La relation d’emploi se noue autour du contrat de travail qui, semblable à une structure en « mille feuilles »,795 est composée de plusieurs strates, dont l’assise serait l’essence du contrat de travail sur laquelle se superposent ensuite le droit légiféré et conventionnel, coiffée enfin d’une ultime feuille d’individualisation. Cette singularité de la relation de travail procède de la technique contractuelle qui permet aux parties de prendre en compte des éléments qui, par expression de la volonté, deviendront essentiels. Or cette individualisation conduit à faire entrer dans le contrat de travail des éléments mais aussi des sujétions que la loi, les textes réglementaires ou conventionnels n’imposent pas, et qui ne relèvent pas non plus de l’armature du contrat luimême.796 Autrement dit, la contractualisation de l’emploi permet à l’employeur d’étendre le champ de la subordination, dans la limite du licite, d’aller plus avant dans la définition de sujétions que la simple mise en oeuvre du pouvoir n’aurait pas autorisée, heurtant non sans paradoxe, le contrat. On sait que la subordination, critère du contrat de travail, confère à l’employeur un pouvoir de commandement ainsi qu’un pouvoir de sanction. Mais cette approche ne rend pas compte d’un autre aspect de la subordination qui n’est pas celui déduit du contrat mais celui qui est créé par le contenu même du contrat.797
La protection du salarié s’est notamment appuyée sur un contenu des règles au caractère largement impératif ; à cet égard, le cantonnement du pouvoir réglementaire est significatif. C’est donc en redécouvrant l’outil juridique « contrat » que l’employeur tente sinon de contourner à tout le moins de s’adapter à ces contraintes. Ce retour au contrat par le développement de clauses semble s’inscrire dans le cadre de la prévision de la gestion des situations d’emploi. En effet, la définition de l’armature du contrat de travail si elle établit, en substance, les frontières de la subordination laisse encore place à une certaine imprécision de sa teneur. Donner corps à ce contenu par le contrat c’est fixer l’avenir par la règle, ce peut être également pour l’entreprise le moyen de faire valoir l’intérêt qu’elle porte à l’emploi. En contractualisant l’emploi, l’employeur assure une plus grande maîtrise de l’emploi (Paragraphe I). Toutefois, ce retour au contrat, dont on peut pressentir qu’il n’est qu’une expression originale du pouvoir de l’employeur, n’est pas sans poser de nombreux problèmes (Paragraphe II).
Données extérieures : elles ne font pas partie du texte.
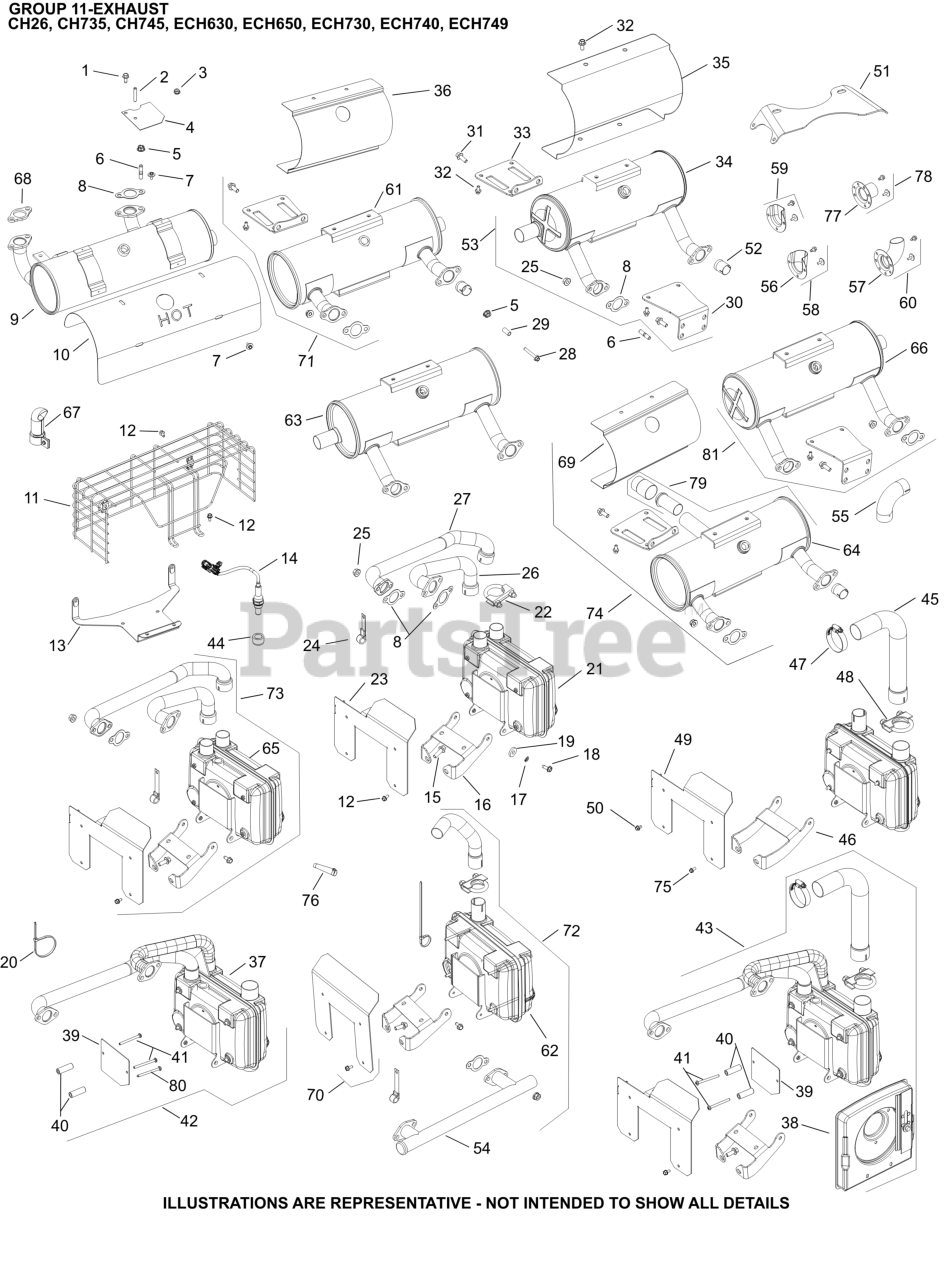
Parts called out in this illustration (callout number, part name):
5	NUT, HEX FLANGE LOCK (M8)
6	STUD, METRIC EXHAUST
8	GASKET, EXHAUST
40	SPACER, ECU GUARD
52	LINER, EXHAUST PORT
80	SCREW, HEX WASHER HEAD
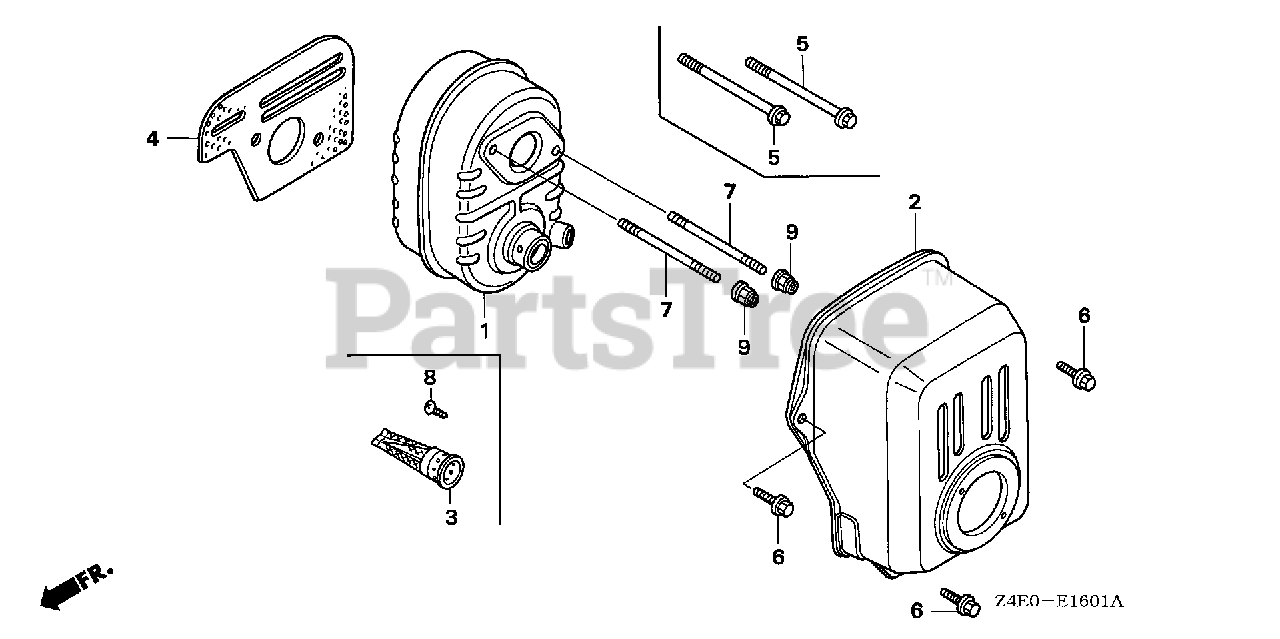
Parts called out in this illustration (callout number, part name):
2	PROTECTOR, MUFFLER
3	ARRESTER, SPARK (TO 1207644)
4	GASKET, MUFFLER
6	BOLT, FLANGE (6X14)
7	BOLT, STUD (6X78) (CT200)
8	SCREW, TAPPING (4X6) (TO INSTALL OPTIONAL SPARK ARRESTER)
9	NUT, SELF-LOCK (6MM)
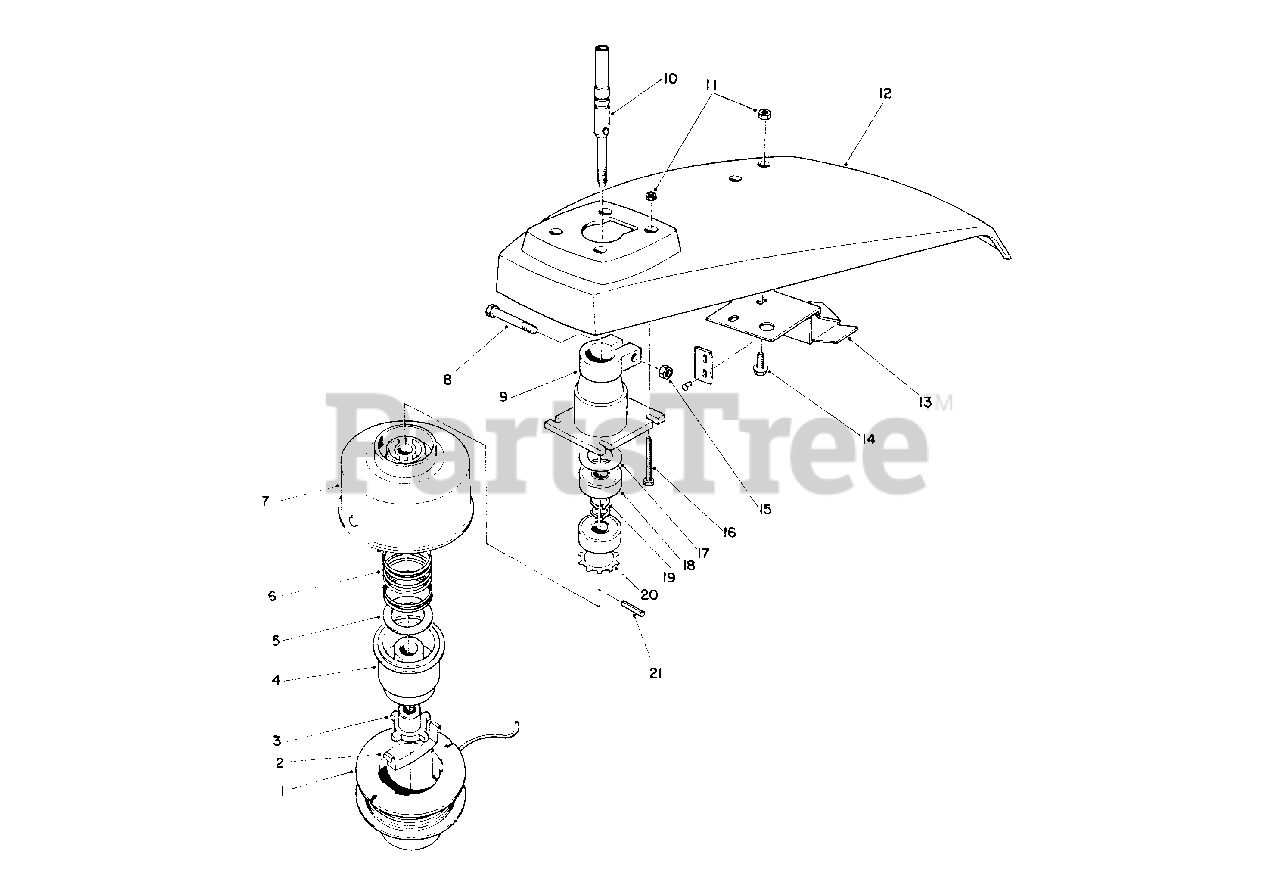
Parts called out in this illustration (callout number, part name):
1	Spool & Line Assembly
2	Saddle-Spool Cap
4	Spool Core
6	Spring-Compression
7	Drum & Eyelet Assembly
8	Hex Hd. Capscrew
9	Housing-Bearing (Incl. Ref. #10, 17-21)
10	Shaft-Power
11	Locknut
13	Bracket & Knife Blade
14	Hex Washer Hd. Mach. Screw
16	Hex Hd. Machine Screw
17	Washer
18	Ball Bearing
19	Snap Ring
20	Grip-Spring
21	Coil Pin
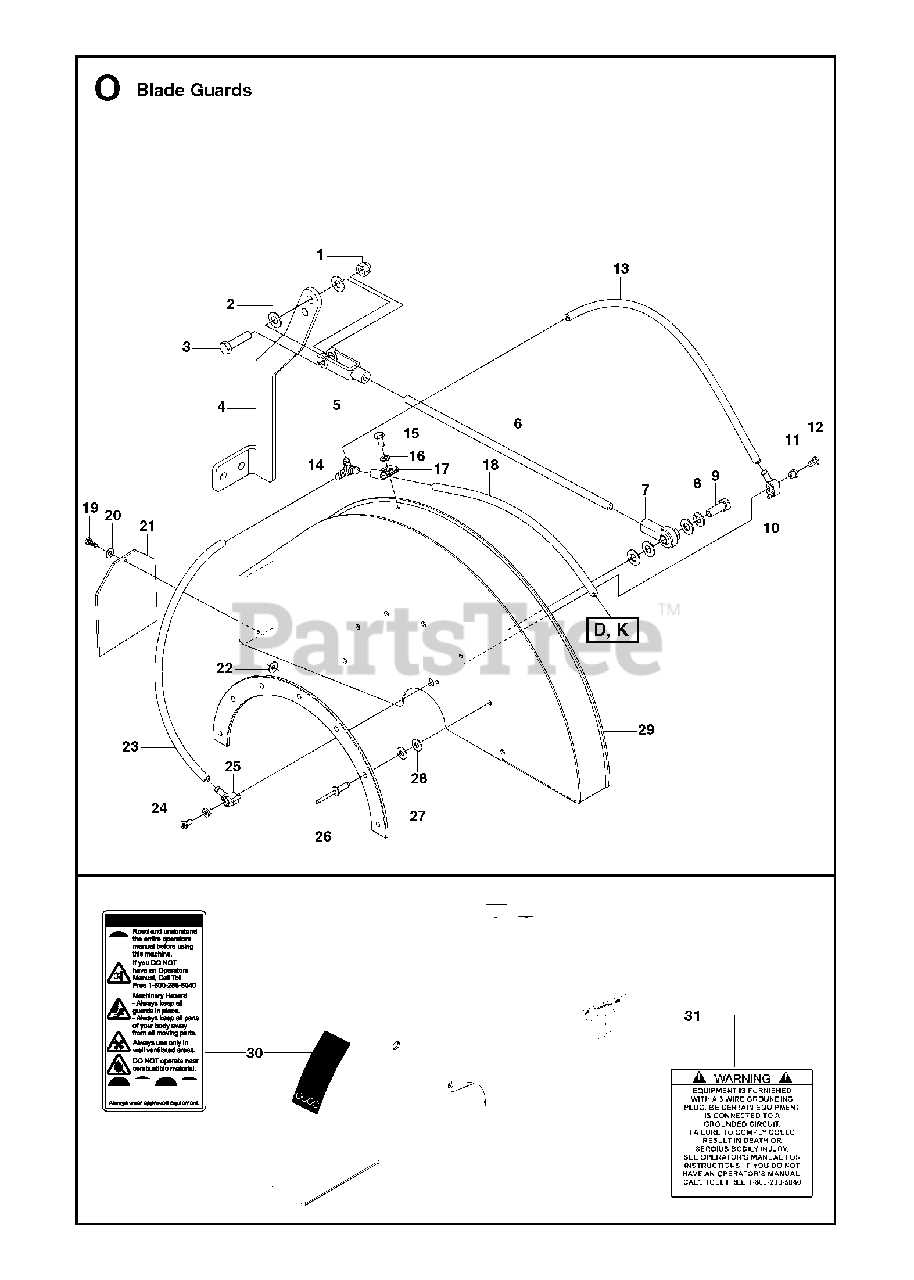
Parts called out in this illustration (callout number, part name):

La comparaison culinaire n’est pas loin non plus de l’observation de M. Supiot qui relève que le contrat de travail est devenu la forme juridique obèse que l’on connaît aujourd’hui, in Critique du droit du travail, P.U.F., les voies du droit, 1994, spéc. p. 28.
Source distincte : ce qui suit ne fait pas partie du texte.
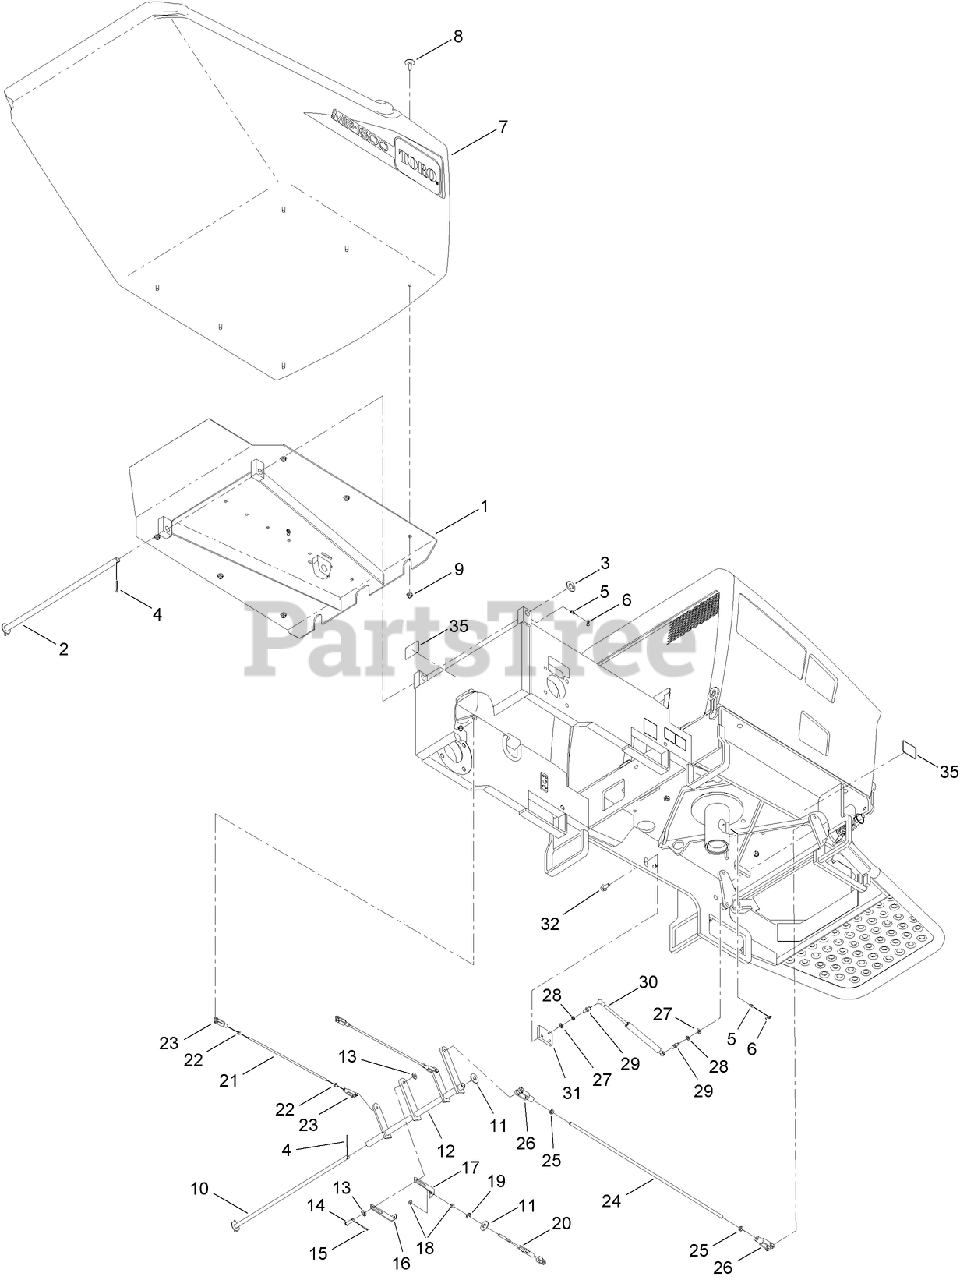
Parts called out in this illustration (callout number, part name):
1	BIN-BASE
2	SHAFT-PIVOT
3	WASHER-FLAT
4	PIN-COTTER
5	FITTING-GREASE
6	CAP-PLUG
7	HOPPER-MORTAR
8	BOLT-ELEVATOR
9	NUT-HF, NI
10	SHAFT-PIVOT, LEVER (BRAKE)
11	WASHER-FLAT
12	LEVER-BRAKE
13	WASHER-FLAT
14	PIN-CLEVIS
15	PIN-COTTER
16	CLEVIS-HALF
17	CLEVIS-HALF (NOTCHED)
18	NUT-JAM
19	RING-RETAINING, EXTERNAL
20	CABLE-BRAKE, BUGGY
21	ROD-BRAKE, FRONT
22	NUT-HEX
23	Clevis
24	ROD-BRAKE
25	NUT-HJ
26	END-YOKE
27	WASHER-PLAIN
28	WASHER-LOCK
29	STUD-BALL
30	SPRING-GAS
31	PLATE-PIVOT, SPRING (GAS)
32	SCREW-HHF
35	DECAL-TIE DOWN

En ce sens, voir G. LYONCAEN et J. PELISSIER, Droit du travail, 15ème éd., n°164 e). On remarquera d’ailleurs que ces auteurs ne consacraient dans cette édition (1990) que quelques lignes à ce problème alors que la 17ème édition aborde dans un paragraphe cette problématique (Les clauses concernant l’emploi, n°210). Voir notamment, M.C. ESCANDEVARNIOL, « La sophistication des clauses du contrat de travail », Dr. Ouv. 1997, 478.
Selon M. Béraud, il y a là un risque de subornation du contrat par le pouvoir, in « Les interactions entre le pouvoir unilatéral du chef d’entreprise et le contrat de travail », Dr. Ouv. 1997, 529.